Tuesday, September 17, 2019

Game 89: Tempest

Buy Tempest and about 90 other Atari games in the Atari Vault on Steam:

There are two things that make all the difference in the world when emulating Tempest.

First, you need a spinner controller. I’ve tried playing with a keyboard, mouse, joystick, trackpad, and was utterly hopeless. But the first time I played with a proper spinner, my score improved by an order of magnitude, and only got better with practice.

Second, you need a big monitor, and preferably one that can be rotated vertically. You’ve got to be able to see all the tiny objects coming at you, and without as much vertical real estate as you can get, this will be a struggle.

My SlikStik Tornado seems to have been made specifically with Tempest in mind. I don’t know what a genuine Atari spinner felt like, but the Tornado is weighty, has amazingly low friction, feels really precise in MAME, can spin for minutes on a single twist and yet stops easily. And I have a 4:3 20” rotatable monitor, which made an enormous difference. For comparison, I tried playing Tempest on my 13.3” laptop, and could barely see my targets in the distance until they were too close, and had poor control over my blaster with the touchpad.

There are 16 levels in Tempest, and when you finish the last, a Möbius strip, the levels change color and loop at a higher difficulty. I wasn’t able to get that far.

It’s a really chaotic game, with so much happening on the screen that it’s overwhelming. Flippers, the red things that rise to the top of the well and try to grab you, caused most of my demises. It doesn’t take long before they move REALLY fast, and with enemies firing at you, and it’s hard to get a chance to shoot them before they reach your level and start moving around the edge of the well. You fire rapidly, but there’s a limit to how many of your bullets may be on screen, so it’s easy to inadvertently waste time by firing lots of shots down an alley that your target just moves away from. It’s better to move constantly and fire a bunch of shots down adjacent alleys, moving just fast enough that your shots don’t skip any of them. When flippers do reach the top of the well, sometimes you can kill them with your zapper weapon, but this doesn’t always work. And sometimes you can kill them by moving through them while shooting, but this also sometimes doesn’t work, and it if doesn’t, you die.


  1. In these posts about arcade games, I think it would be really interesting to see how your score changed with number of times played. I'm thinking maybe a scatterplot or something, and you can mark on it where you changed strategies or, in this case, controllers. Then you can compare between different games. For example, I imagine a game like Defender has a fairly gradual rise in score as you get more experienced, while in a game like QIX scores are probably more randomized.

    It's an idea I"m considering for my own blog, but I think it fits in way better with the concept of this one. Also, it would give you something quantitative to talk about for games where you don't have access to the source code or some other means of analyzing the mechanics.

    Also, thanks for the tip about the spinner, I'm going to try that out.

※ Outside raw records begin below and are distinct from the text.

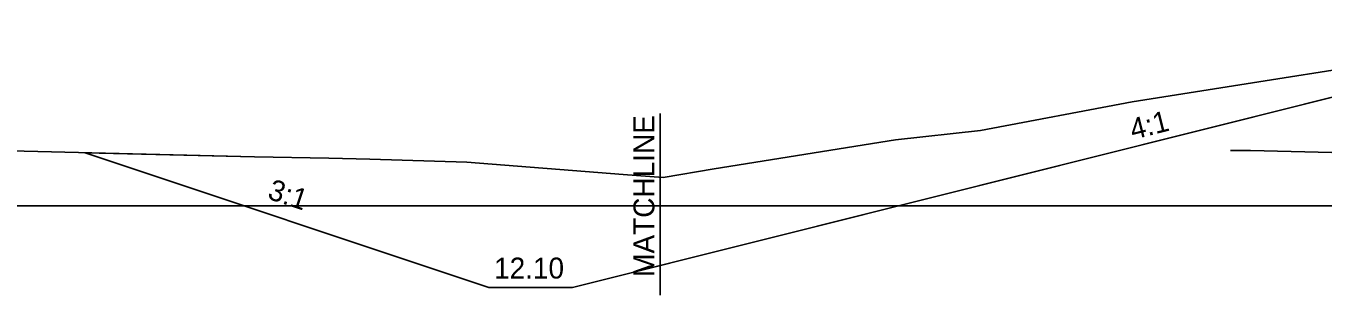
# Model space of a CAD drawing. Extents: x 2207892 to 2209721, y 61220 to 65449.
# Drawn here: x 2207992.8 to 2208054.9, y 61403 to 61415.9 of the extents above; entities that cross this region are included whole.
import ezdxf

# ---------------------------------------------------------------- set-up
doc = ezdxf.new("R2010")
doc.units = 0
for name, color, linetype in [('Exist DTM Breakline Cogo Comment', 7, 'Continuous'), ('Exist DTM Breakline Cogo Elevation', 7, 'Continuous'), ('Exist DTM Breakline Underwater Cogo Comment', 7, 'Continuous'), ('Exist Hydro Stream or Body of Water Cogo Elevation', 7, 'Continuous'), ('Exist Roads EOP Other Cogo Elevation', 7, 'Continuous'), ('Exist Roads EOP Other Cogo Number', 7, 'Continuous')]:
    doc.layers.add(name, color=color, linetype=linetype)

msp = doc.modelspace()

# ---------------------------------------------------------------- linework, layer by layer
at = {"layer": 'Exist DTM Breakline Cogo Comment'}
msp.add_lwpolyline([(2207995.655, 61409.848), (2208003.745, 61409.652), (2208007.314, 61409.588), (2208009.269, 61409.538), (2208013.913, 61409.4), (2208021.398, 61408.805), (2208023.303, 61408.662), (2208025.751, 61409.074), (2208034.425, 61410.458), (2208038.505, 61410.914), (2208045.753, 61412.276), (2208062.337, 61414.894), (2208063.212, 61414.929), (2208063.558, 61414.95), (2208065.403, 61415.053), (2208065.593, 61415.067), (2208018.968, 61403.41), (2208014.968, 61403.41)], close=True, dxfattribs=at)
at = {"layer": 'Exist DTM Breakline Cogo Elevation'}
msp.add_line((2208023.174, 61403.047), (2208023.174, 61411.718), dxfattribs=at)
msp.add_lwpolyline([(2208050.47, 61409.955), (2208051.421, 61409.95), (2208063.745, 61409.652), (2208067.314, 61409.588), (2208069.269, 61409.538), (2208073.913, 61409.4), (2208081.398, 61408.805), (2208083.174, 61408.671)], dxfattribs=at)
at = {"layer": 'Exist Hydro Stream or Body of Water Cogo Elevation'}
for p, q in [((2208068.931, 61415.901), (2208018.968, 61403.41)), ((2208014.968, 61403.41), (2207995.655, 61409.848)), ((2208018.968, 61403.41), (2208014.968, 61403.41))]:
    msp.add_line(p, q, dxfattribs=at)
at = {"layer": 'Exist Roads EOP Other Cogo Elevation'}
msp.add_lwpolyline([(2207991.421, 61409.95), (2208003.745, 61409.652), (2208007.314, 61409.588), (2208009.269, 61409.538), (2208013.913, 61409.4), (2208021.398, 61408.805), (2208023.303, 61408.662), (2208025.751, 61409.074), (2208034.425, 61410.458), (2208038.505, 61410.914), (2208045.753, 61412.276), (2208062.337, 61414.894)], dxfattribs=at)
at = {"layer": 'Exist Roads EOP Other Cogo Number'}
msp.add_line((2207918.174, 61407.31), (2208118.174, 61407.31), dxfattribs=at)

# ---------------------------------------------------------------- texts
at = {"layer": 'Exist DTM Breakline Cogo Elevation'}
msp.add_text('MATCHLINE', height=1, rotation=90, dxfattribs=at).set_placement((2208022.89, 61403.915))
at = {"layer": 'Exist DTM Breakline Underwater Cogo Comment'}
for s, rotation, p in [('4:1', 14.03624, (2208045.793, 61410.462)), ('3:1', 341.56505, (2208004.325, 61407.665))]:
    msp.add_text(s, height=1, rotation=rotation, dxfattribs=at).set_placement(p)
msp.add_text('12.10', height=1, dxfattribs=at).set_placement((2208015.221, 61403.834))

doc.saveas('drawing.dxf')
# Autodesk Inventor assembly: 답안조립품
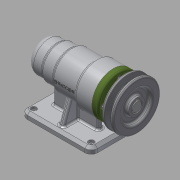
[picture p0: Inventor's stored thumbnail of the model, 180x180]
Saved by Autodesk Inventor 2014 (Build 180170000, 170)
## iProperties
Created: 2016-06
Part Number: 답안조립품
Document SubType Name: Assembly
Designer: SCD-A13
Author: SCD-A13
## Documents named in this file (12)
- C:\Users\SCD-A13\Desktop\460607V1002\답안조립품.iam
- C:\Users\SCD-A13\Desktop\460607V1002\본체.ipt
- C:\Users\SCD-A13\Desktop\460607V1002\V벨트풀리.ipt
- C:\Users\SCD-A13\Desktop\460607V1002\멈춤나사 M3x8.ipt
- C:\Users\SCD-A13\Desktop\460607V1002\베어링 6004.ipt
- C:\Users\SCD-A13\Desktop\460607V1002\베어링 51202.ipt
- C:\Users\SCD-A13\Desktop\460607V1002\볼트 M4 x 12.ipt
- C:\Users\SCD-A13\Desktop\460607V1002\어댑터슬리브.ipt
- C:\Users\SCD-A13\Desktop\460607V1002\오일 실.ipt
- C:\Users\SCD-A13\Desktop\460607V1002\축.ipt
- C:\Users\SCD-A13\Desktop\460607V1002\커버.ipt
- C:\Users\SCD-A13\Desktop\460607V1002\키 5 x 5 x 16.ipt
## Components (6 placed, 2 different names)
1. V벨트풀리:1
2. ISO 4762 M4 x 12:1
3. ISO 4762 M4 x 12:2
4. ISO 4762 M4 x 12:3
5. ISO 4762 M4 x 12:4
6. ISO 4762 M4 x 12:5
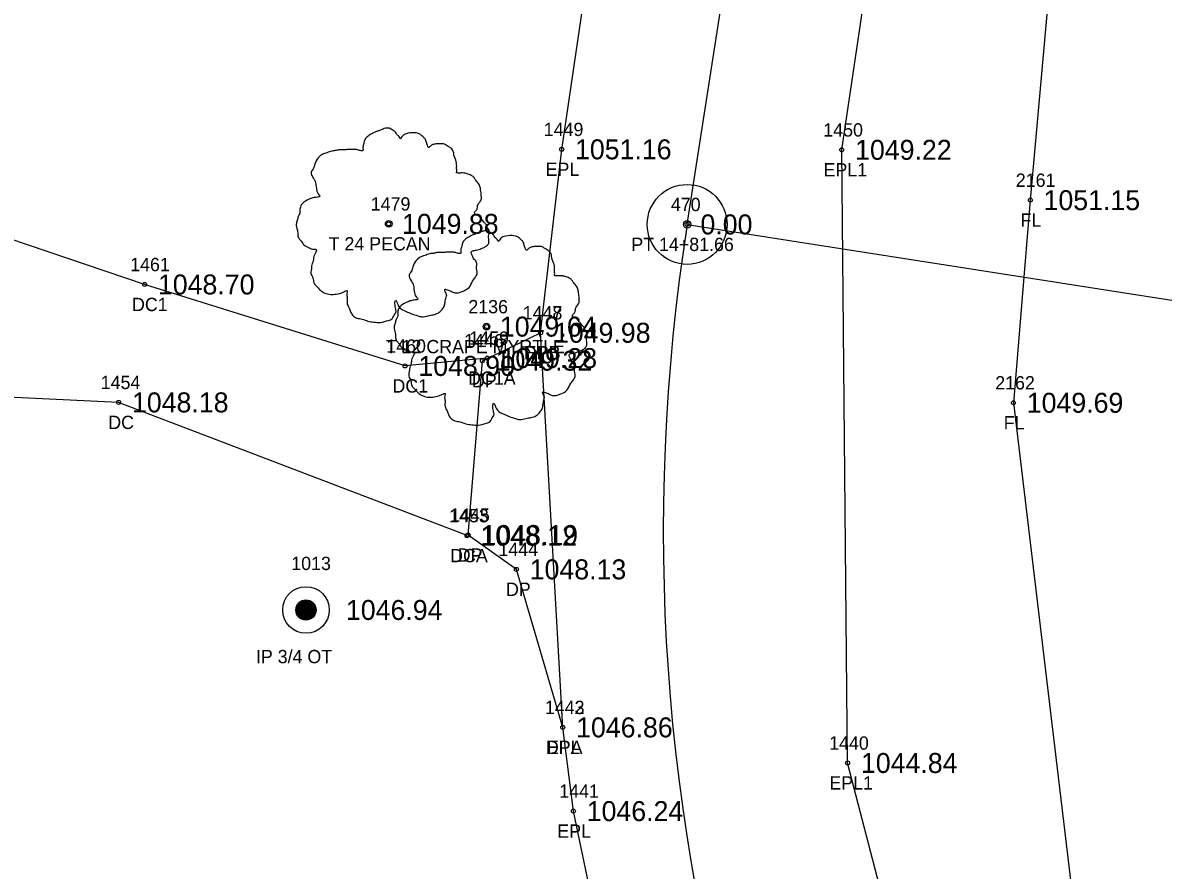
# Model space of a CAD drawing. Extents: x 1578957 to 1581675, y 1115963 to 1120391.
# Drawn here: x 1579731.3 to 1579816.9, y 1117837.9 to 1117901.5 of the extents above; entities that cross this region are included whole.
import ezdxf

# ---------------------------------------------------------------- set-up
doc = ezdxf.new("R2010")
doc.units = 0
for name, color, linetype in [('RD_EX_Conc', 7, 'Continuous'), ('RD_EX_Conc_txCode', 7, 'Continuous'), ('RD_EX_Driveway', 7, 'Continuous'), ('RD_EX_Driveway_txCode', 7, 'Continuous'), ('RD_EX_DV_Prop_txCode', 7, 'Continuous'), ('RD_EX_DV_PropPin', 7, 'Continuous'), ('RD_EX_Fence_Other', 7, 'Continuous'), ('RD_EX_Fence_Other_txCode', 7, 'Continuous'), ('RD_EX_Road', 7, 'Continuous'), ('RD_EX_Road_txCode', 7, 'Continuous'), ('RD_EX_TX_Conc_ELEV', 7, 'Continuous'), ('RD_EX_TX_Driveway_ELEV', 7, 'Continuous'), ('RD_EX_TX_DV_Prop_ELEV', 7, 'Continuous'), ('RD_EX_TX_Fence_Other_ELEV', 7, 'Continuous'), ('RD_EX_TX_Road_ELEV', 7, 'Continuous'), ('RD_EX_TX_VEG_ELEV', 7, 'Continuous'), ('RD_EX_VEG', 7, 'Continuous'), ('RD_EX_VEG_txCode', 7, 'Continuous'), ('RD_HC_Cl', 7, 'Continuous'), ('RD_HC_Data', 7, 'Continuous'), ('RD_HC_Survey_ELEV', 7, 'Continuous'), ('RD_HC_txCode', 7, 'Continuous'), ('RD_SMD_Locator', 7, 'Continuous')]:
    doc.layers.add(name, color=color, linetype=linetype)

msp = doc.modelspace()

# ---------------------------------------------------------------- linework, layer by layer
at = {"layer": 'RD_EX_Conc'}
for points in [[(1579766.13, 1117876.333), (1579759.962, 1117875.743), (1579740.404, 1117881.865), (1579703.901, 1117894.243), (1579686.039, 1117903.999), (1579677.342, 1117923.266), (1579681.088, 1117939.977), (1579691.372, 1117948.591), (1579705.923, 1117954.825), (1579741.024, 1117962.879), (1579773.406, 1117968.489), (1579777.959, 1117966.761), (1579779.093, 1117978.96)], [(1579764.617, 1117862.993), (1579738.454, 1117873.005), (1579671.399, 1117876.222)]]:
    msp.add_lwpolyline(points, dxfattribs=at)
at = {"layer": 'RD_EX_Driveway'}
msp.add_lwpolyline([(1579771.808, 1117848.588), (1579768.323, 1117860.461), (1579764.698, 1117863.037), (1579765.767, 1117876.14), (1579770.145, 1117878.236)], dxfattribs=at)
at = {"layer": 'RD_EX_DV_PropPin'}
for p, q in [((1579752.136, 1117856.752), (1579752.136, 1117858.065)), ((1579752.171, 1117856.733), (1579752.171, 1117858.084)), ((1579752.206, 1117856.716), (1579752.206, 1117858.102)), ((1579752.241, 1117856.701), (1579752.241, 1117858.116)), ((1579752.276, 1117856.688), (1579752.276, 1117858.129)), ((1579752.311, 1117856.677), (1579752.311, 1117858.14)), ((1579752.346, 1117856.668), (1579752.346, 1117858.149)), ((1579752.381, 1117856.661), (1579752.381, 1117858.157)), ((1579752.416, 1117856.655), (1579752.416, 1117858.163)), ((1579752.451, 1117856.651), (1579752.451, 1117858.167)), ((1579752.486, 1117856.649), (1579752.486, 1117858.169)), ((1579752.521, 1117856.648), (1579752.521, 1117858.17)), ((1579752.556, 1117856.649), (1579752.556, 1117858.169)), ((1579752.591, 1117856.651), (1579752.591, 1117858.167)), ((1579752.626, 1117856.655), (1579752.626, 1117858.163)), ((1579752.661, 1117856.661), (1579752.661, 1117858.157)), ((1579752.696, 1117856.668), (1579752.696, 1117858.149)), ((1579752.731, 1117856.677), (1579752.731, 1117858.14)), ((1579752.766, 1117856.688), (1579752.766, 1117858.129)), ((1579752.801, 1117856.701), (1579752.801, 1117858.116)), ((1579752.836, 1117856.716), (1579752.836, 1117858.102)), ((1579752.871, 1117856.733), (1579752.871, 1117858.084)), ((1579752.906, 1117856.752), (1579752.906, 1117858.065)), ((1579751.785, 1117857.213), (1579751.785, 1117857.605)), ((1579751.82, 1117857.111), (1579751.82, 1117857.707)), ((1579751.856, 1117857.039), (1579751.856, 1117857.778)), ((1579751.891, 1117856.982), (1579751.891, 1117857.835)), ((1579751.926, 1117856.935), (1579751.926, 1117857.883)), ((1579751.961, 1117856.894), (1579751.961, 1117857.924)), ((1579751.996, 1117856.858), (1579751.996, 1117857.96)), ((1579752.031, 1117856.827), (1579752.031, 1117857.991)), ((1579752.066, 1117856.799), (1579752.066, 1117858.019)), ((1579752.101, 1117856.774), (1579752.101, 1117858.043)), ((1579752.941, 1117856.774), (1579752.941, 1117858.043)), ((1579752.976, 1117856.799), (1579752.976, 1117858.019)), ((1579753.011, 1117856.827), (1579753.011, 1117857.991)), ((1579753.046, 1117856.858), (1579753.046, 1117857.96)), ((1579753.081, 1117856.894), (1579753.081, 1117857.924)), ((1579753.116, 1117856.935), (1579753.116, 1117857.883)), ((1579753.151, 1117856.982), (1579753.151, 1117857.835)), ((1579753.186, 1117857.039), (1579753.186, 1117857.778)), ((1579753.221, 1117857.111), (1579753.221, 1117857.707)), ((1579753.256, 1117857.213), (1579753.256, 1117857.605))]:
    msp.add_line(p, q, dxfattribs=at)
for radius in [1.75, 0.761]:
    msp.add_circle((1579752.521, 1117857.409), radius, dxfattribs=at)
at = {"layer": 'RD_EX_Fence_Other'}
msp.add_lwpolyline([(1579823.104, 1118041.087), (1579819.64, 1117977.762), (1579811.21, 1117936.274), (1579806.912, 1117888.201), (1579805.65, 1117872.977), (1579810.216, 1117834.804), (1579821.355, 1117805.105), (1579835.234, 1117784.194), (1579851.403, 1117768.05), (1579868.554, 1117757.557), (1579908.33, 1117744.227), (1579949.735, 1117742.637), (1579998.853, 1117745.107), (1580033.637, 1117749.157), (1580057.075, 1117744.228), (1580092.078, 1117730.794), (1580117.524, 1117724.619), (1580141.715, 1117727.925), (1580159.983, 1117735.31), (1580192.445, 1117760.446), (1580226.972, 1117787.769), (1580271.309, 1117822.486), (1580302.096, 1117858.032)], dxfattribs=at)
at = {"layer": 'RD_EX_Road'}
for points in [[(1580132.914, 1117689.949), (1580126.197, 1117690.713), (1580104.514, 1117701.773), (1580054.231, 1117722.915), (1579999.655, 1117728.645), (1579947.034, 1117725.641), (1579902.617, 1117727.901), (1579859.282, 1117741.23), (1579828.335, 1117764.868), (1579804.422, 1117802.726), (1579793.197, 1117845.912), (1579792.758, 1117891.982), (1579799.628, 1117938.215), (1579807.414, 1117987.508), (1579809.684, 1118039.768), (1579804.464, 1118093.359), (1579794.793, 1118143.944)], [(1580121.995, 1117647.598), (1580119.902, 1117658.172), (1580108.554, 1117670.894), (1580093.888, 1117680.496), (1580047.657, 1117700.115), (1579998.943, 1117706.513), (1579949.017, 1117704.446), (1579899.181, 1117706.754), (1579851.312, 1117721.596), (1579810.789, 1117752.923), (1579804.028, 1117759.706), (1579792.304, 1117778.187), (1579787.439, 1117787.947), (1579779.119, 1117811.184), (1579772.603, 1117842.297), (1579771.808, 1117848.588), (1579770.145, 1117878.236), (1579771.725, 1117892.019), (1579778.922, 1117940.842), (1579785.853, 1117982.888), (1579786.73, 1117990.339), (1579789.156, 1118040.245), (1579783.452, 1118089.738), (1579774.288, 1118139.394)]]:
    msp.add_lwpolyline(points, dxfattribs=at)
at = {"layer": 'RD_EX_VEG'}
for centre, radius in [((1579758.734, 1117886.419), 0.25), ((1579758.722, 1117886.401), 0.0001), ((1579766.085, 1117878.698), 0.25), ((1579766.073, 1117878.679), 0.0001)]:
    msp.add_circle(centre, radius, dxfattribs=at)
for points in [[(1579758.866, 1117893.587), (1579758.566, 1117893.612), (1579758.241, 1117893.512), (1579757.992, 1117893.412), (1579757.767, 1117893.337), (1579757.542, 1117893.237), (1579757.242, 1117893.062), (1579757.017, 1117892.862), (1579756.892, 1117892.612), (1579756.842, 1117892.387), (1579756.792, 1117892.112), (1579756.792, 1117891.937), (1579756.667, 1117891.912), (1579756.517, 1117891.937), (1579756.267, 1117892.012), (1579756.017, 1117892.012), (1579755.767, 1117892.012), (1579755.418, 1117891.987), (1579755.068, 1117891.987), (1579754.793, 1117891.937), (1579754.468, 1117891.887), (1579754.093, 1117891.762), (1579753.743, 1117891.637), (1579753.444, 1117891.388), (1579753.194, 1117890.913), (1579753.069, 1117890.563), (1579752.919, 1117890.313), (1579753.069, 1117889.863), (1579753.244, 1117889.513), (1579753.269, 1117889.313), (1579753.344, 1117888.889), (1579753.444, 1117888.664), (1579753.568, 1117888.464), (1579753.494, 1117888.439), (1579753.119, 1117888.389), (1579752.819, 1117888.289), (1579752.394, 1117888.064), (1579752.169, 1117887.839), (1579752.069, 1117887.514), (1579752.044, 1117887.164), (1579751.944, 1117886.965), (1579751.869, 1117886.69), (1579751.844, 1117886.615), (1579751.794, 1117886.29), (1579751.894, 1117885.84), (1579751.919, 1117885.49), (1579752.044, 1117885.265), (1579752.194, 1117885.09), (1579752.369, 1117884.84), (1579752.769, 1117884.616), (1579753.094, 1117884.516), (1579753.294, 1117884.491), (1579753.119, 1117883.991), (1579753.069, 1117883.641), (1579752.944, 1117883.241), (1579752.944, 1117883.166), (1579752.894, 1117882.691), (1579753.044, 1117882.366), (1579753.119, 1117881.992), (1579753.294, 1117881.767), (1579753.568, 1117881.467), (1579753.893, 1117881.242), (1579754.393, 1117881.117), (1579754.793, 1117881.142), (1579755.368, 1117881.317), (1579755.618, 1117881.392), (1579755.593, 1117881.217), (1579755.618, 1117880.842), (1579755.618, 1117880.417), (1579755.767, 1117880.093), (1579755.867, 1117879.818), (1579756.017, 1117879.568), (1579756.342, 1117879.343), (1579756.742, 1117879.268), (1579757.167, 1117879.118), (1579757.617, 1117879.043), (1579758.116, 1117879.018), (1579758.716, 1117879.168), (1579758.991, 1117879.293), (1579759.091, 1117879.468), (1579759.291, 1117879.843), (1579759.241, 1117880.068), (1579759.266, 1117880.667), (1579759.366, 1117880.492), (1579759.541, 1117880.142), (1579760.041, 1117879.843), (1579760.44, 1117879.668), (1579760.915, 1117879.518), (1579761.215, 1117879.443), (1579761.69, 1117879.518), (1579762.065, 1117879.593), (1579762.44, 1117879.718), (1579762.739, 1117879.993), (1579762.914, 1117880.267), (1579762.964, 1117880.542), (1579763.039, 1117880.917), (1579763.089, 1117881.092)], [(1579763.089, 1117881.092), (1579763.014, 1117881.267), (1579762.964, 1117881.517), (1579763.039, 1117881.492), (1579763.214, 1117881.442), (1579763.489, 1117881.317), (1579763.714, 1117881.242), (1579764.039, 1117881.267), (1579764.314, 1117881.367), (1579764.764, 1117881.642), (1579765.038, 1117882.117), (1579765.313, 1117882.516), (1579765.388, 1117882.841), (1579765.338, 1117883.066), (1579765.313, 1117883.566), (1579765.113, 1117883.816), (1579765.063, 1117883.941), (1579764.963, 1117884.341), (1579765.038, 1117884.391), (1579765.313, 1117884.441), (1579765.688, 1117884.566), (1579765.963, 1117884.69), (1579766.188, 1117884.865), (1579766.263, 1117885.09), (1579766.238, 1117885.49), (1579766.288, 1117885.89), (1579766.213, 1117886.04), (1579766.113, 1117886.19), (1579766.038, 1117886.39), (1579765.888, 1117886.54), (1579765.788, 1117886.69), (1579765.688, 1117886.79), (1579765.563, 1117886.94), (1579765.388, 1117887.064), (1579765.238, 1117887.114), (1579765.188, 1117887.264), (1579765.338, 1117887.464), (1579765.388, 1117887.564), (1579765.413, 1117887.789), (1579765.638, 1117888.139), (1579765.688, 1117888.539), (1579765.638, 1117888.964), (1579765.588, 1117889.239), (1579765.438, 1117889.513), (1579765.238, 1117889.763), (1579765.113, 1117889.938), (1579764.938, 1117890.063), (1579764.614, 1117890.188), (1579764.364, 1117890.238), (1579764.014, 1117890.238), (1579763.814, 1117890.288), (1579763.839, 1117890.338), (1579763.839, 1117890.488), (1579763.839, 1117890.763), (1579763.764, 1117891.213), (1579763.614, 1117891.712), (1579763.614, 1117891.737), (1579763.514, 1117891.987), (1579763.289, 1117892.187), (1579763.114, 1117892.287), (1579762.914, 1117892.412), (1579762.664, 1117892.437), (1579762.365, 1117892.437), (1579762.09, 1117892.387), (1579761.89, 1117892.287), (1579761.715, 1117892.162), (1579761.64, 1117892.312), (1579761.54, 1117892.612), (1579761.49, 1117892.762), (1579761.34, 1117892.937), (1579761.115, 1117893.137), (1579760.665, 1117893.262), (1579760.041, 1117893.187), (1579759.741, 1117892.987), (1579759.591, 1117892.812), (1579759.541, 1117892.937), (1579759.341, 1117893.137), (1579759.241, 1117893.312), (1579759.066, 1117893.437), (1579758.916, 1117893.537), (1579758.816, 1117893.587)], [(1579766.217, 1117885.865), (1579765.917, 1117885.89), (1579765.592, 1117885.79), (1579765.342, 1117885.69), (1579765.118, 1117885.615), (1579764.893, 1117885.515), (1579764.593, 1117885.34), (1579764.368, 1117885.14), (1579764.243, 1117884.89), (1579764.193, 1117884.666), (1579764.143, 1117884.391), (1579764.143, 1117884.216), (1579764.018, 1117884.191), (1579763.868, 1117884.216), (1579763.618, 1117884.291), (1579763.368, 1117884.291), (1579763.118, 1117884.291), (1579762.769, 1117884.266), (1579762.419, 1117884.266), (1579762.144, 1117884.216), (1579761.819, 1117884.166), (1579761.444, 1117884.041), (1579761.094, 1117883.916), (1579760.794, 1117883.666), (1579760.545, 1117883.191), (1579760.42, 1117882.841), (1579760.27, 1117882.591), (1579760.42, 1117882.142), (1579760.595, 1117881.792), (1579760.619, 1117881.592), (1579760.694, 1117881.167), (1579760.794, 1117880.942), (1579760.919, 1117880.742), (1579760.844, 1117880.717), (1579760.47, 1117880.667), (1579760.17, 1117880.567), (1579759.745, 1117880.342), (1579759.52, 1117880.118), (1579759.42, 1117879.793), (1579759.395, 1117879.443), (1579759.295, 1117879.243), (1579759.22, 1117878.968), (1579759.195, 1117878.893), (1579759.145, 1117878.568), (1579759.245, 1117878.118), (1579759.27, 1117877.769), (1579759.395, 1117877.544), (1579759.545, 1117877.369), (1579759.72, 1117877.119), (1579760.12, 1117876.894), (1579760.445, 1117876.794), (1579760.644, 1117876.769), (1579760.47, 1117876.269), (1579760.42, 1117875.919), (1579760.295, 1117875.52), (1579760.295, 1117875.445), (1579760.245, 1117874.97), (1579760.395, 1117874.645), (1579760.47, 1117874.27), (1579760.644, 1117874.045), (1579760.919, 1117873.745), (1579761.244, 1117873.52), (1579761.744, 1117873.395), (1579762.144, 1117873.42), (1579762.719, 1117873.595), (1579762.968, 1117873.67), (1579762.943, 1117873.495), (1579762.968, 1117873.121), (1579762.968, 1117872.696), (1579763.118, 1117872.371), (1579763.218, 1117872.096), (1579763.368, 1117871.846), (1579763.693, 1117871.621), (1579764.093, 1117871.546), (1579764.518, 1117871.396), (1579764.968, 1117871.321), (1579765.467, 1117871.296), (1579766.067, 1117871.446), (1579766.342, 1117871.571), (1579766.442, 1117871.746), (1579766.642, 1117872.121), (1579766.592, 1117872.346), (1579766.617, 1117872.946), (1579766.717, 1117872.771), (1579766.892, 1117872.421), (1579767.392, 1117872.121), (1579767.791, 1117871.946), (1579768.266, 1117871.796), (1579768.566, 1117871.721), (1579769.041, 1117871.796), (1579769.416, 1117871.871), (1579769.79, 1117871.996), (1579770.09, 1117872.271), (1579770.265, 1117872.546), (1579770.315, 1117872.821), (1579770.39, 1117873.196), (1579770.44, 1117873.37)], [(1579770.44, 1117873.37), (1579770.365, 1117873.545), (1579770.315, 1117873.795), (1579770.39, 1117873.77), (1579770.565, 1117873.72), (1579770.84, 1117873.595), (1579771.065, 1117873.52), (1579771.39, 1117873.545), (1579771.665, 1117873.645), (1579772.114, 1117873.92), (1579772.389, 1117874.395), (1579772.664, 1117874.795), (1579772.739, 1117875.12), (1579772.689, 1117875.345), (1579772.664, 1117875.844), (1579772.464, 1117876.094), (1579772.414, 1117876.219), (1579772.314, 1117876.619), (1579772.389, 1117876.669), (1579772.664, 1117876.719), (1579773.039, 1117876.844), (1579773.314, 1117876.969), (1579773.539, 1117877.144), (1579773.614, 1117877.369), (1579773.589, 1117877.769), (1579773.639, 1117878.168), (1579773.564, 1117878.318), (1579773.464, 1117878.468), (1579773.389, 1117878.668), (1579773.239, 1117878.818), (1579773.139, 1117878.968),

    1. It's an interesting idea, but I don't think I'd enjoy doing that. I do appreciate the suggestion, though. For what it's worth, I've often found that with these games, I'll reach a plateau where I can consistently hit a certain score, but only occasionally get much higher than that. This was even the case with Qix, where my second-highest score was over 62,000, but after beating that with 76,000, I couldn't even hit 62,000 again.

      In Tempest's case, you can see my prior high score, and that was the last round I played, because I resigned myself to that I'd probably never be able to beat that in a reasonable timeframe.

    2. Haha, I'm not sure if I'll enjoy it either. I'm going to try it out for a while and see if it's worth the trouble and may end up reaching the same conclusion as you have. I've been thinking a lot about difficulty curves... it's one thing to say that a game is difficult because it requires a lot of skill (again, Defender is my favorite example) and another thing to say that it's difficult because dumb luck only goes your way every once in a blue moon. I think QIX is closer to the latter category and if so, the aforementioned plot should be essentially random with occasional outliers.

      I've played Tempest, but not with the spinner and not enough times to really get a sense for how the difficulty curve goes.